(Data extracts Opens)
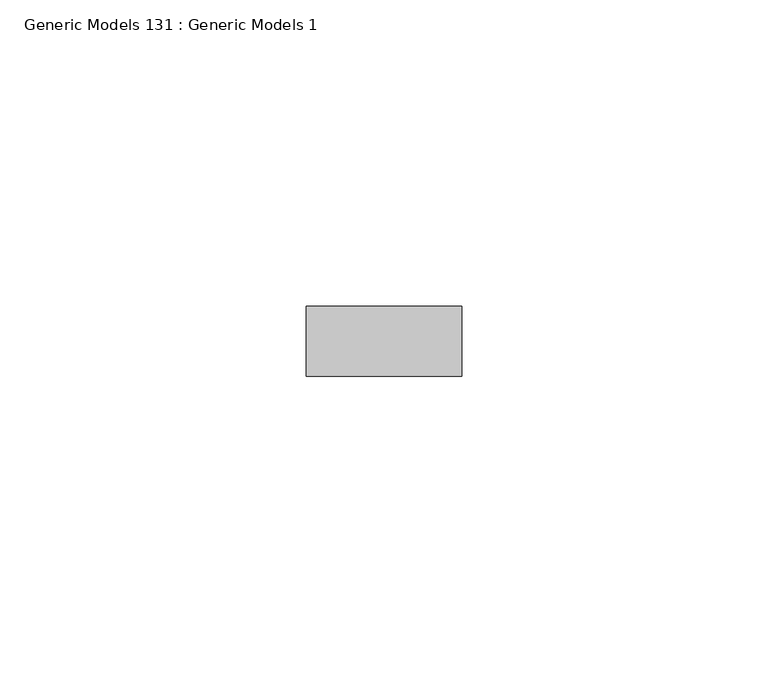
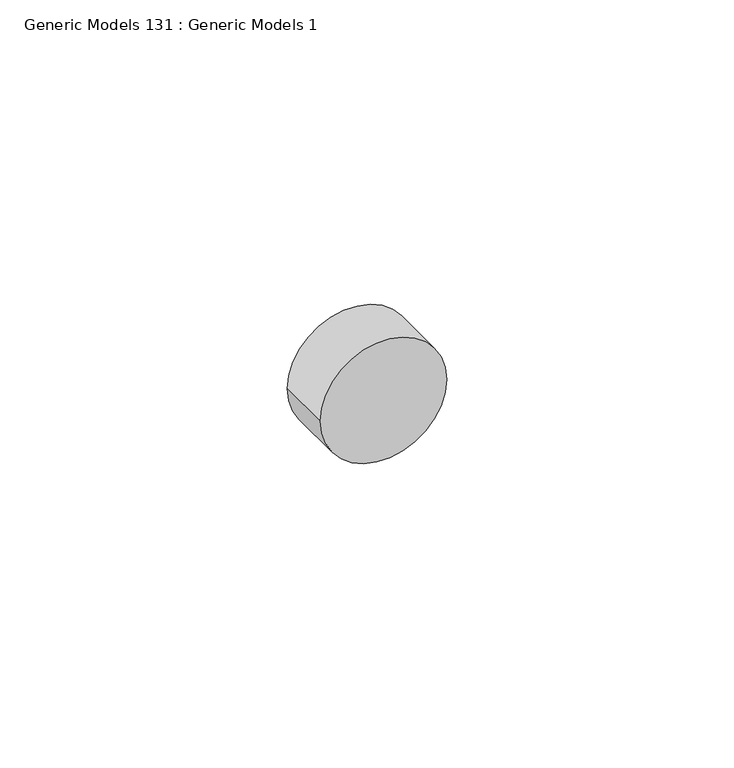
"""IFC4 building model written with IfcOpenShell, lengths in millimetres: proxy geometry, Generic Models 131 : Generic Models 1."""

from ifc_helpers import new_model, si_unit, point, frame, frame_2d, origin, place, context, project, spatial, circle_curve, trimmed, segment, composite_curve, outline, extrude, source, transform, mapped, element, save


def generic_models_131_generic_models_1_6fcba7fc(model_context):
    return source(origin(), model_context, "Body", "SweptSolid", [
        extrude(outline(composite_curve([segment(trimmed(circle_curve(frame_2d((38546.4677238, 7856.3346014)), 12.7), [point((38546.4677238, 7869.0346014))], [point((38546.4677238, 7843.6346014))], False, "CARTESIAN"), True, "CONTINUOUS"), segment(trimmed(circle_curve(frame_2d((38546.4677238, 7856.3346014)), 12.7), [point((38546.4677238, 7843.6346014))], [point((38546.4677238, 7869.0346014))], False, "CARTESIAN"), True, "CONTINUOUS")], self_intersect=False)), frame((0.0, 1836.9202358, 0.0), z_axis=(0.0, 1.0, 0.0), x_axis=(0.0, 0.0, 1.0)), (0.0, 0.0, 1.0), 11.4464372),
    ])


if __name__ == "__main__":
    model = new_model("IFC4")
    model_context = context("Model", 3, world=origin())
    ifc_project = project(units=[si_unit("LENGTHUNIT", "METRE", prefix="MILLI")], contexts=[model_context])
    site = spatial("IfcSite", under=ifc_project)
    building = spatial("IfcBuilding", under=site)
    placement = place(None, origin())
    generic_models_131_generic_models_1_shape = generic_models_131_generic_models_1_6fcba7fc(model_context)
    element("IfcBuildingElementProxy", 1, Name="Generic Models 131 : Generic Models 1", ObjectType="Generic Models 131 : Generic Models 1", at=placement, inside=building, context=model_context, shape_type="MappedRepresentation", body=[
        mapped(generic_models_131_generic_models_1_shape, transform((0.0, 0.0, 0.0), x_axis=(1.0, 0.0, 0.0), y_axis=(0.0, 1.0, 0.0), z_axis=(0.0, 0.0, 1.0))),
    ])
    save(model, "model.ifc")

# Revit data of these elements
# Element 1 (IfcBuildingElementProxy, "Generic Models 131 : Generic Models 1")
#   Materials on its faces: "S.S. LAG BOLT - SEE STRUCT. DWGS"
# Materials
#   "S.S. LAG BOLT - SEE STRUCT. DWGS": class "Generic", colour RGB 120 120 120, transparency 0, Cost = 0
(Data extracts Closes)
▶ _Instructions to follow_: Apart from the images, every line above is to be given again exactly.

▶ _Result of this task_:
"""IFC4 building model written with IfcOpenShell, lengths in millimetres: proxy geometry, Generic Models 131 : Generic Models 1."""

from ifc_helpers import new_model, si_unit, point, frame, frame_2d, origin, place, context, project, spatial, circle_curve, trimmed, segment, composite_curve, outline, extrude, source, transform, mapped, element, save


def generic_models_131_generic_models_1_6fcba7fc(model_context):
    return source(origin(), model_context, "Body", "SweptSolid", [
        extrude(outline(composite_curve([segment(trimmed(circle_curve(frame_2d((38546.4677238, 7856.3346014)), 12.7), [point((38546.4677238, 7869.0346014))], [point((38546.4677238, 7843.6346014))], False, "CARTESIAN"), True, "CONTINUOUS"), segment(trimmed(circle_curve(frame_2d((38546.4677238, 7856.3346014)), 12.7), [point((38546.4677238, 7843.6346014))], [point((38546.4677238, 7869.0346014))], False, "CARTESIAN"), True, "CONTINUOUS")], self_intersect=False)), frame((0.0, 1836.9202358, 0.0), z_axis=(0.0, 1.0, 0.0), x_axis=(0.0, 0.0, 1.0)), (0.0, 0.0, 1.0), 11.4464372),
    ])


if __name__ == "__main__":
    model = new_model("IFC4")
    model_context = context("Model", 3, world=origin())
    ifc_project = project(units=[si_unit("LENGTHUNIT", "METRE", prefix="MILLI")], contexts=[model_context])
    site = spatial("IfcSite", under=ifc_project)
    building = spatial("IfcBuilding", under=site)
    placement = place(None, origin())
    generic_models_131_generic_models_1_shape = generic_models_131_generic_models_1_6fcba7fc(model_context)
    element("IfcBuildingElementProxy", 1, Name="Generic Models 131 : Generic Models 1", ObjectType="Generic Models 131 : Generic Models 1", at=placement, inside=building, context=model_context, shape_type="MappedRepresentation", body=[
        mapped(generic_models_131_generic_models_1_shape, transform((0.0, 0.0, 0.0), x_axis=(1.0, 0.0, 0.0), y_axis=(0.0, 1.0, 0.0), z_axis=(0.0, 0.0, 1.0))),
    ])
    save(model, "model.ifc")

# Revit data of these elements
# Element 1 (IfcBuildingElementProxy, "Generic Models 131 : Generic Models 1")
#   Materials on its faces: "S.S. LAG BOLT - SEE STRUCT. DWGS"
# Materials
#   "S.S. LAG BOLT - SEE STRUCT. DWGS": class "Generic", colour RGB 120 120 120, transparency 0, Cost = 0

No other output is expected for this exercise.